The Snakefile does a lot of things and takes a long time, so I'm not (yet) trying to run it directly, but I note that there is a repeat
in the benchmarks:
section of the relevant rule that means it's going to run it multiple times. This should have the effect that snakemake repeats the rule 5 times, right? In which case I'd expect to see multiple copies of the signatures in the zip files. Isn't this behavior expected?
I would advise against doing repetitive benchmarking of really big/large-file/long-running workflows as a routine thing, unless there's a very specific reason to do it. Re-downloading the files in particular seems like an odd thing to benchmark ;).
ok, in /home/ctbrown/2023-ccbaumler-debug
, I have a script run.sh
that runs the relevant command on a small directory of FASTA files.
I do observe that when I run it twice, I get the doubled output you see above:
sourmash sig summarize manysigs/0.fa.zip
shows 2 copies of each sketch, while
sourmash sig describe manysigs/0.fa.zip
shows only one. That's clearly a bug 🤔 .
I'm not sure how to think about the sketchall problem that if you run it multiple times, you'll get doubled, tripled, etc. sketches. It is both logical (it's sort of what I'd expect to happen!) but also annoying. So maybe I should add a warning message to sketchall.
Let me know about the repeat
behavior and if that's unexpected!
Oh and no idea what's going on with the file permissions issue, but that's probably a snakemake thing. By default I would expect your umask
settings to be specifying output permissions unless snakemake is changing it; what does umask
report?
describe/summarize oddity punted to https://github.com/sourmash-bio/sourmash/issues/2774
While it may be self-evident the memory and cpu resources required by the new sketchall plugin for sourmash, the time it requires to run is less so.

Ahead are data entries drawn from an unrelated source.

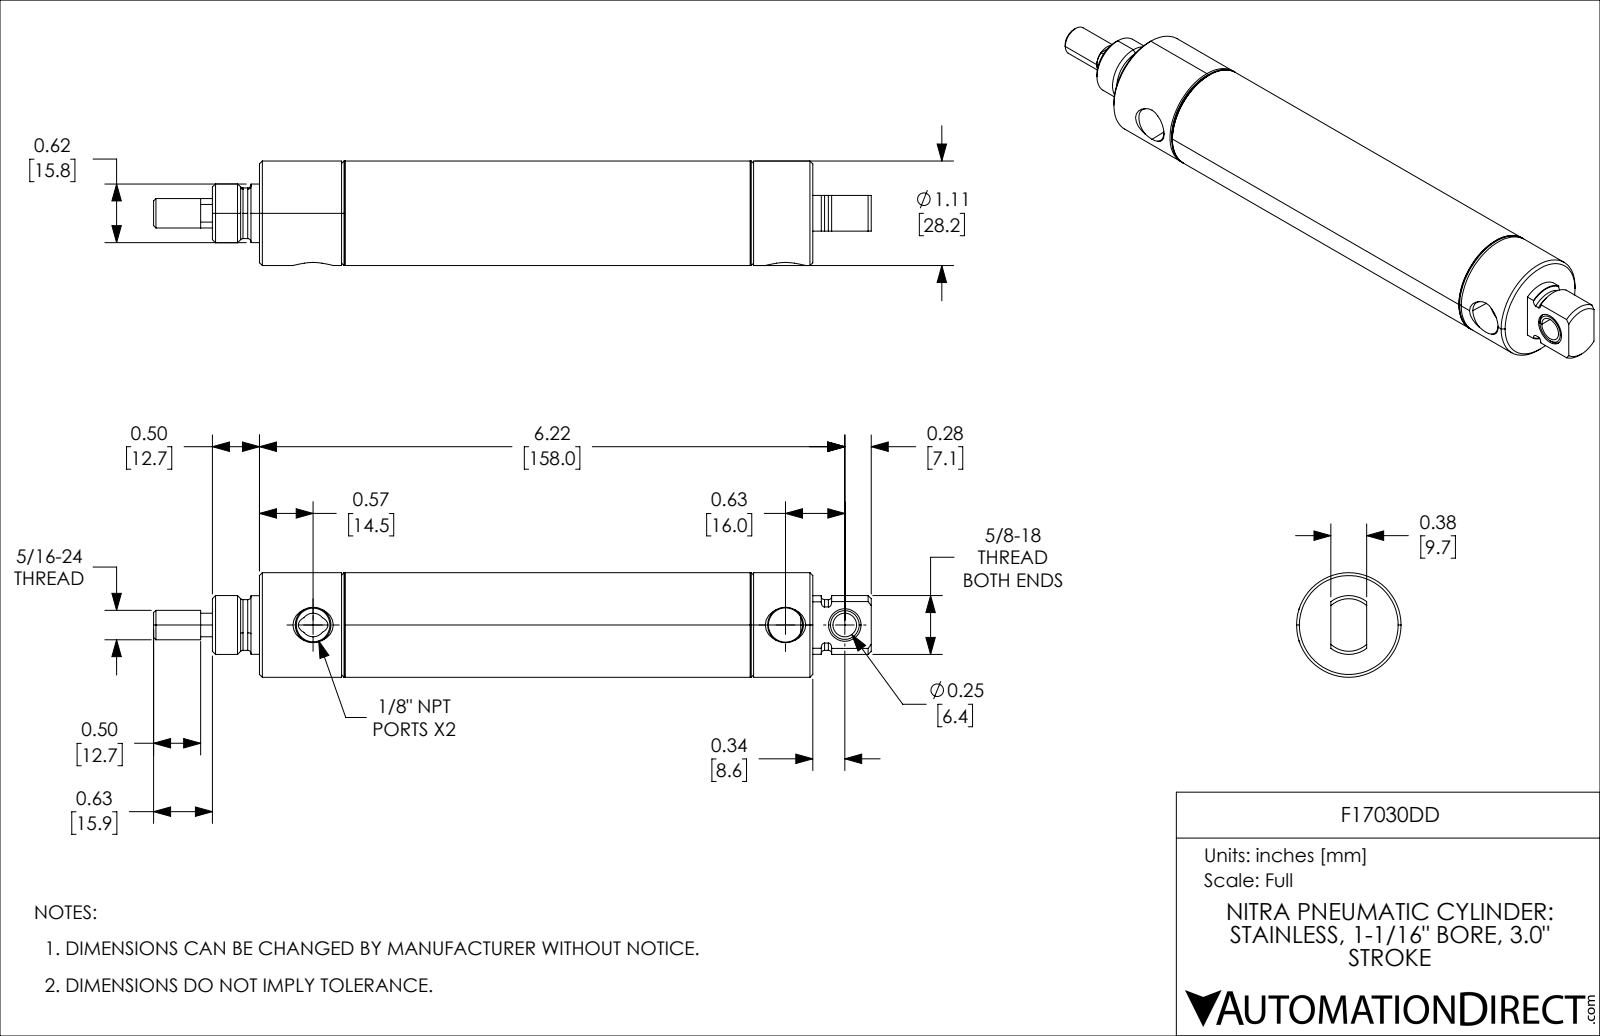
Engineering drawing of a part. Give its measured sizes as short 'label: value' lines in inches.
name: F17030DD_11; F17030DD_3; F17030DD_9; F17030DD_7 (+2 more)
written by: SolidWorks 2021 (CONFIG_CONTROL_DESIGN)
unit: in
bodies: 5 solids, 156 faces (30 planar, 58 cylindrical, 68 other)
size: 7.625 × 1.11 × 1.11
volume: 3.223 in³; area: 57.82 in²
holes: 1× ⌀0.251, 1× ⌀0.336, 1× ⌀0.346, 1× ⌀0.364, 1× ⌀0.375, 1× ⌀0.75, 1× ⌀1.012
bosses: 1× ⌀1.11, 1× ⌀1.072, 1× ⌀0.625, 1× ⌀0.622, 1× ⌀0.539, 1× ⌀0.313, 1× ⌀0.312
rounds: 1× R0.125, 1× R0.269
face distances: 0.875, 3, 3.875, 4.754, 1.754, 0.879, 1.125, 4.125, 5, 5.879
hole spacings: 0.63
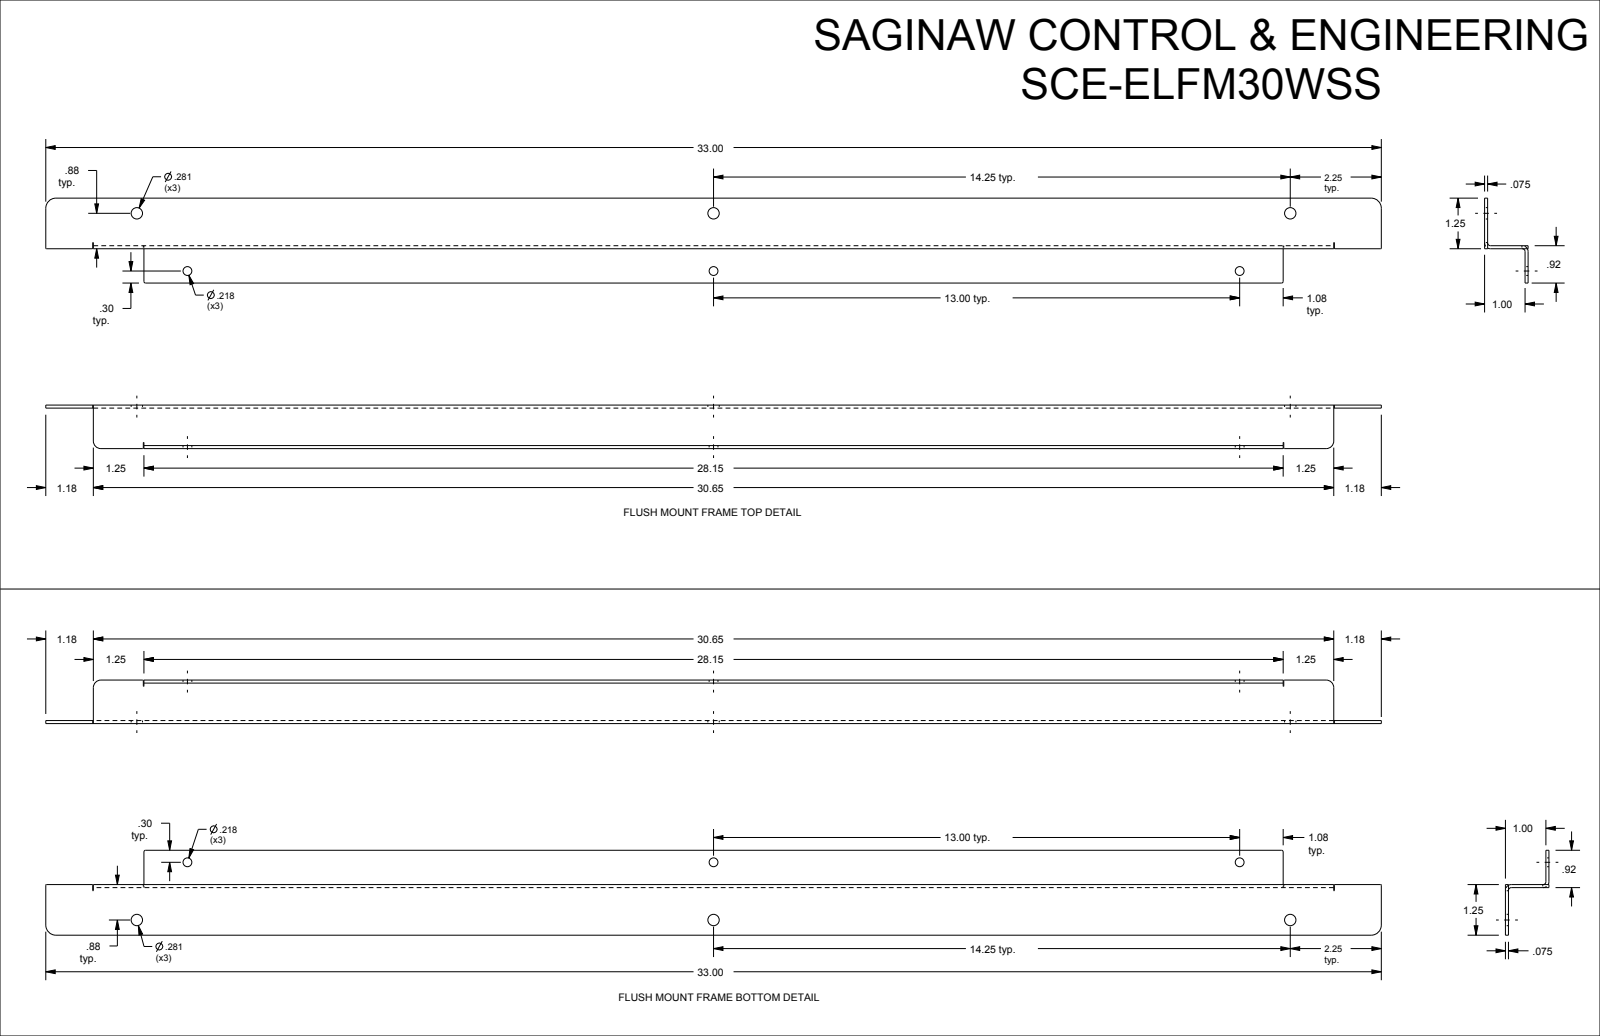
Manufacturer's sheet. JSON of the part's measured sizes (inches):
{"part_name": "SCE-ELFM30W", "step_written_by": "SolidWorks 2019 (CONFIG_CONTROL_DESIGN)", "units": "inches", "bodies": {"solids": 2, "faces": 96, "planar": 44, "cylindrical": 52, "other": 0}, "overall_size": [33, 26.35, 1.075], "volume_in3": 13.97, "surface_area_in2": 384.2, "round_holes": [[0.218, 6], [0.281, 6]], "partial_cylinders_radius": [[0.015, 10], [0.007, 6], [0.04, 4], [0.051, 4], [0.126, 4], [0.25, 4], [0.187, 2]], "face_to_face_distances": [0.075, 1, 0.075, 23.925, 1.075, 0.925, 23.85, 24, 0.922, 23.078], "hole_center_spacings": [13, 13.078, 14.25, 26.202, 27.287, 29.299, 36.428, 22.75]}
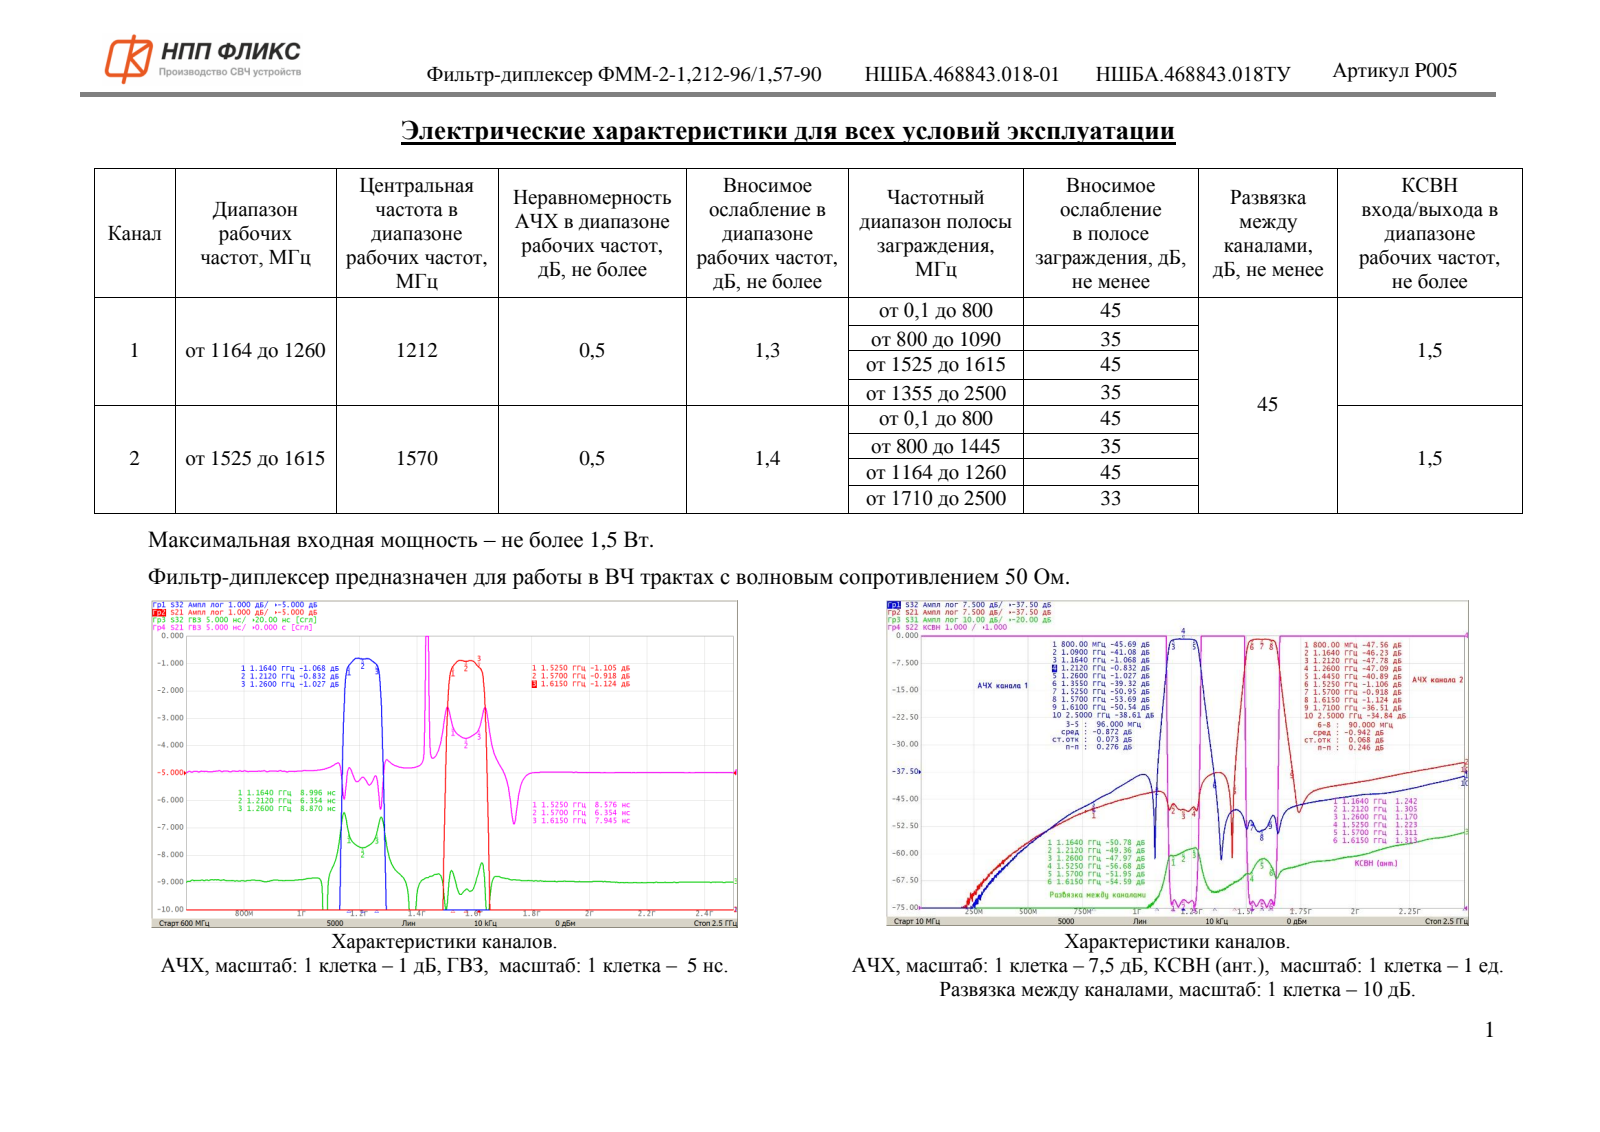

When using this multi-threaded approach on large files/making large databases allow for a long processing time (think days instead of hours). I will report back some benchmarks. In the mean time, here is what I have found:
I was using 86 metagenomes from Petabyte Scale Sequence Search: Metagenomics Benchmarking Codeathon. The smallest of these is 3.3G and the largest is 41G.
When running in a workflow, the job would end before the output was complete (see code block for the resource report). I have reset the the workflow job to run for three days.